┌──

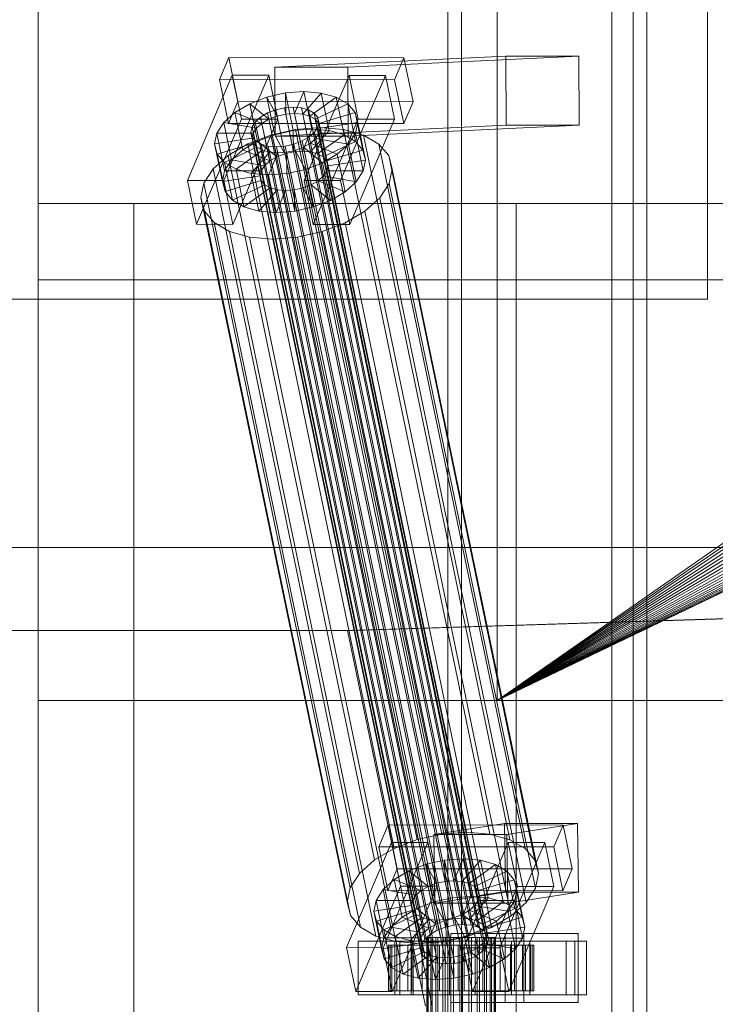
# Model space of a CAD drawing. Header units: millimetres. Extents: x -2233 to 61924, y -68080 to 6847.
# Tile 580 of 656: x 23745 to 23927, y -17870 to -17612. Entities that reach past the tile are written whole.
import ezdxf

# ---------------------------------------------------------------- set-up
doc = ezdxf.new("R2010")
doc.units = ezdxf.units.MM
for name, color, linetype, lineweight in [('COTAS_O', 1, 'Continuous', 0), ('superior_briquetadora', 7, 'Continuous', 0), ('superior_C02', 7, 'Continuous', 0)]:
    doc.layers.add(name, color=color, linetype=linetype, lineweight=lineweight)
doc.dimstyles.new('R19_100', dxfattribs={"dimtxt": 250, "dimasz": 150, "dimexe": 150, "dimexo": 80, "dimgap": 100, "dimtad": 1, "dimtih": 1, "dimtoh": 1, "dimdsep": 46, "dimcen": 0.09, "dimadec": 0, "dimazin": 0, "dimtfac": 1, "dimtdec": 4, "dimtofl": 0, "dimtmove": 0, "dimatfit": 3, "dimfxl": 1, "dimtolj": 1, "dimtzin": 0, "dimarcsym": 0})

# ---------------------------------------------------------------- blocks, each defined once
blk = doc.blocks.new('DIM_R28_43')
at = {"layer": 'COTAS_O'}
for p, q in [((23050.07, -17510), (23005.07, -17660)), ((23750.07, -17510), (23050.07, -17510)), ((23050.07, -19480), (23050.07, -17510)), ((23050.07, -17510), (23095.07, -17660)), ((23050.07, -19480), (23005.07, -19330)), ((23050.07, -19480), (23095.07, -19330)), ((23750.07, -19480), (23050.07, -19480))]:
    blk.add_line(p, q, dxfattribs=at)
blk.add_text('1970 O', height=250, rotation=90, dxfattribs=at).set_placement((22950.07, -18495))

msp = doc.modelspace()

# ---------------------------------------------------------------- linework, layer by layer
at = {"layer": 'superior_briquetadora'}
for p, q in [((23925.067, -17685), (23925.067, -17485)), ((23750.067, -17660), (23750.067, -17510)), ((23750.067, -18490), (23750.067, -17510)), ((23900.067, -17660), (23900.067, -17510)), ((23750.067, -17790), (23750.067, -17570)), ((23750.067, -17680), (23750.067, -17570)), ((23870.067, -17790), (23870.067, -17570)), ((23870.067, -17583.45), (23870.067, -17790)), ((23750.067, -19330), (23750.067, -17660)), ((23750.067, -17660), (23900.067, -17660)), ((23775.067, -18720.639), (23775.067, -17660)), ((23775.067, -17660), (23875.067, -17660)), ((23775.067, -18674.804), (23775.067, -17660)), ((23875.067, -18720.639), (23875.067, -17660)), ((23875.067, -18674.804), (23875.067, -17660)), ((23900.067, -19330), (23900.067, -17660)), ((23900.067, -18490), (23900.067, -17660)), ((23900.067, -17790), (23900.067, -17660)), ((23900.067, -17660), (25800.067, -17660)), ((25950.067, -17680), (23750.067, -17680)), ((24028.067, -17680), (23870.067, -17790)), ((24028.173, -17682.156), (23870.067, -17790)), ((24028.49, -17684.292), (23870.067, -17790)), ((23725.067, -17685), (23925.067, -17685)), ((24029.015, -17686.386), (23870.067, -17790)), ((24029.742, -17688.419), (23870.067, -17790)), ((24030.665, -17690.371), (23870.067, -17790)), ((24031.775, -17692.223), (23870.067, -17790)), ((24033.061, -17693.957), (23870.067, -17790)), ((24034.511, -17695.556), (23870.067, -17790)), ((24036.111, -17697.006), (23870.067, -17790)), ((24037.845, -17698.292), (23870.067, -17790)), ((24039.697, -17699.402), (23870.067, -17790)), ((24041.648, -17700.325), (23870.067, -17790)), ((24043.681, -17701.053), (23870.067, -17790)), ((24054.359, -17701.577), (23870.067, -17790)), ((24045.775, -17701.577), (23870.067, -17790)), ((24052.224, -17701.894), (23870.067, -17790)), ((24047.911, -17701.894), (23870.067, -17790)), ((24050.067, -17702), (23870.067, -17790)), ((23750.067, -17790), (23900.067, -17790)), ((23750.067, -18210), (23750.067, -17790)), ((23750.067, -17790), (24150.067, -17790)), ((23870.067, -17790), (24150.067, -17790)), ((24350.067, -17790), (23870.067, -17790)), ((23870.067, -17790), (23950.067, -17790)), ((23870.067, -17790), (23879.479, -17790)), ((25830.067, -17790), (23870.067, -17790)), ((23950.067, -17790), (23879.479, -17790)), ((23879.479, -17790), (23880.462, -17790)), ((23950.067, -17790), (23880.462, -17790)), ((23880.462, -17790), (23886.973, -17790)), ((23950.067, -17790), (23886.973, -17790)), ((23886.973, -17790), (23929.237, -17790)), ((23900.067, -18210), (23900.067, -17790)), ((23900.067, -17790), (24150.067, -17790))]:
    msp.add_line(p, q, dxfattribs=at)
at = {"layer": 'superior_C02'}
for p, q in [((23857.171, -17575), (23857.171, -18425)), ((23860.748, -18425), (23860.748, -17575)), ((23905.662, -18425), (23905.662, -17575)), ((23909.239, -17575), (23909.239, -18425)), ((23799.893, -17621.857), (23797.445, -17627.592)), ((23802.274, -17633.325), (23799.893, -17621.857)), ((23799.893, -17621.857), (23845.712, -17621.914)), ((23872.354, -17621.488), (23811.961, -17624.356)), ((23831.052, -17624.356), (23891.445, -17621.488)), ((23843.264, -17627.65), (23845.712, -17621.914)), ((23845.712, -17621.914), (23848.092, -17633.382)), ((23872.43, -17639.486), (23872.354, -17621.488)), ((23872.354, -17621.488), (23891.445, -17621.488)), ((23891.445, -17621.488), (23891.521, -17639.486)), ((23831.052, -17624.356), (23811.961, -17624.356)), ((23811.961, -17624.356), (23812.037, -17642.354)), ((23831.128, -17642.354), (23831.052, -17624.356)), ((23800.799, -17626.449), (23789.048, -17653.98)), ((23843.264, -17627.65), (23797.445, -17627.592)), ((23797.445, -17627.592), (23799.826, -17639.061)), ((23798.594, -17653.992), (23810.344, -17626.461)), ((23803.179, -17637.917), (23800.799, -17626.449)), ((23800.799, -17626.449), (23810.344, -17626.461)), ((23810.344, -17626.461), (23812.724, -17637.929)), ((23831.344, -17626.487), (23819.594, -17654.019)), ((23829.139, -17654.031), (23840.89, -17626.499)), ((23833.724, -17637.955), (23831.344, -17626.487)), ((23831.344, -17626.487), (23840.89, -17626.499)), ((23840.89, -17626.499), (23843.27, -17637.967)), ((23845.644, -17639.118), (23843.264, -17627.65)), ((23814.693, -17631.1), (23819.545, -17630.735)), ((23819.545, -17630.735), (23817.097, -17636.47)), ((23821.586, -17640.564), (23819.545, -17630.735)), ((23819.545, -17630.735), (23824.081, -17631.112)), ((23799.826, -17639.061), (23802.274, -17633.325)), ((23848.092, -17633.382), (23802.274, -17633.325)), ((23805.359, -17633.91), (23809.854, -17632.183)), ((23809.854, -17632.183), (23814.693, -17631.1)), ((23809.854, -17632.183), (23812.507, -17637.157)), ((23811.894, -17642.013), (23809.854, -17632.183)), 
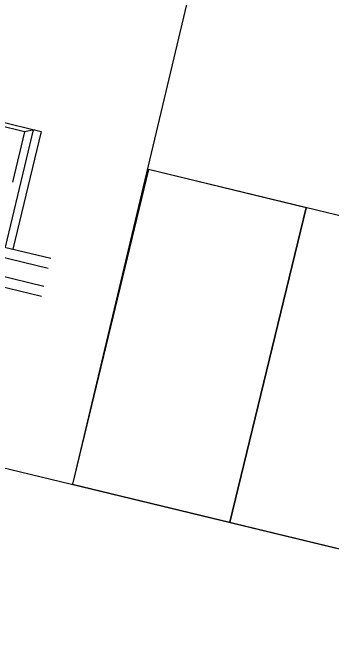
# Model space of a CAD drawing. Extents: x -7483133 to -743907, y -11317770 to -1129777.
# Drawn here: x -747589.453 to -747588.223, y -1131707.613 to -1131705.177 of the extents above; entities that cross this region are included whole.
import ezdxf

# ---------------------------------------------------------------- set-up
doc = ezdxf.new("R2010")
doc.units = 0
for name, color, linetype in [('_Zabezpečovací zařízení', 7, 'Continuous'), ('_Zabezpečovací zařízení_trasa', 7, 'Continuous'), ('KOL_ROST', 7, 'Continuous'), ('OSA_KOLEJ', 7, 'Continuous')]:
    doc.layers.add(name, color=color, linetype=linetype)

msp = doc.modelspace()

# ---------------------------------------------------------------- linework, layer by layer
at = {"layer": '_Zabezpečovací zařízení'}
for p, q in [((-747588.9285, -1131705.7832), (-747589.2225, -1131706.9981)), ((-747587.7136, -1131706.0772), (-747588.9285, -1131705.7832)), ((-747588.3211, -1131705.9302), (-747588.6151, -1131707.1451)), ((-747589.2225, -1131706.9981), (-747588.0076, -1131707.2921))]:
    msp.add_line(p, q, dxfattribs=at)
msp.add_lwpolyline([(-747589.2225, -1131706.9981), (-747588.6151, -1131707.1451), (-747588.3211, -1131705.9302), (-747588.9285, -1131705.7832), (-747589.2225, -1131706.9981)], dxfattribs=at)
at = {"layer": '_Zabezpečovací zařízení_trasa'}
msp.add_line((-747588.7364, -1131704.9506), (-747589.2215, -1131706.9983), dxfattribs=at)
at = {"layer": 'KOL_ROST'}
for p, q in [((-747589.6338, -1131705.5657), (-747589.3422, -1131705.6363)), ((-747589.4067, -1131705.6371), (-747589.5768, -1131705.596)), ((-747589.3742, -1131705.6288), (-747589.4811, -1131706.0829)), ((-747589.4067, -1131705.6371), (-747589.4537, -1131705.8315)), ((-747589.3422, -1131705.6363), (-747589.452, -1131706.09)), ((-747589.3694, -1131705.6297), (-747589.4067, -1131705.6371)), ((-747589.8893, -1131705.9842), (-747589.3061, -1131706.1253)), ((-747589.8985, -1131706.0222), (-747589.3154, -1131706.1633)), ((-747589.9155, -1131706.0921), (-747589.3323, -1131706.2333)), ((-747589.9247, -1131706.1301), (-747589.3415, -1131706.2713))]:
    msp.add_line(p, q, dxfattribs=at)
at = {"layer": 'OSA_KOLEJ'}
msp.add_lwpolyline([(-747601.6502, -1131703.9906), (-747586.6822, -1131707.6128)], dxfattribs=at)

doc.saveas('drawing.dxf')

└──

Exactly the lines from the top of the entries through the line with "doc.units = ezdxf.units.MM", inclusive, must be given again, with every picture omitted.

Answer to this exercise
# Model space of a CAD drawing. Header units: millimetres. Extents: x -2233 to 61924, y -68080 to 6847.
# Tile 580 of 656: x 23745 to 23927, y -17870 to -17612. Entities that reach past the tile are written whole.
import ezdxf

# ---------------------------------------------------------------- set-up
doc = ezdxf.new("R2010")
doc.units = ezdxf.units.MM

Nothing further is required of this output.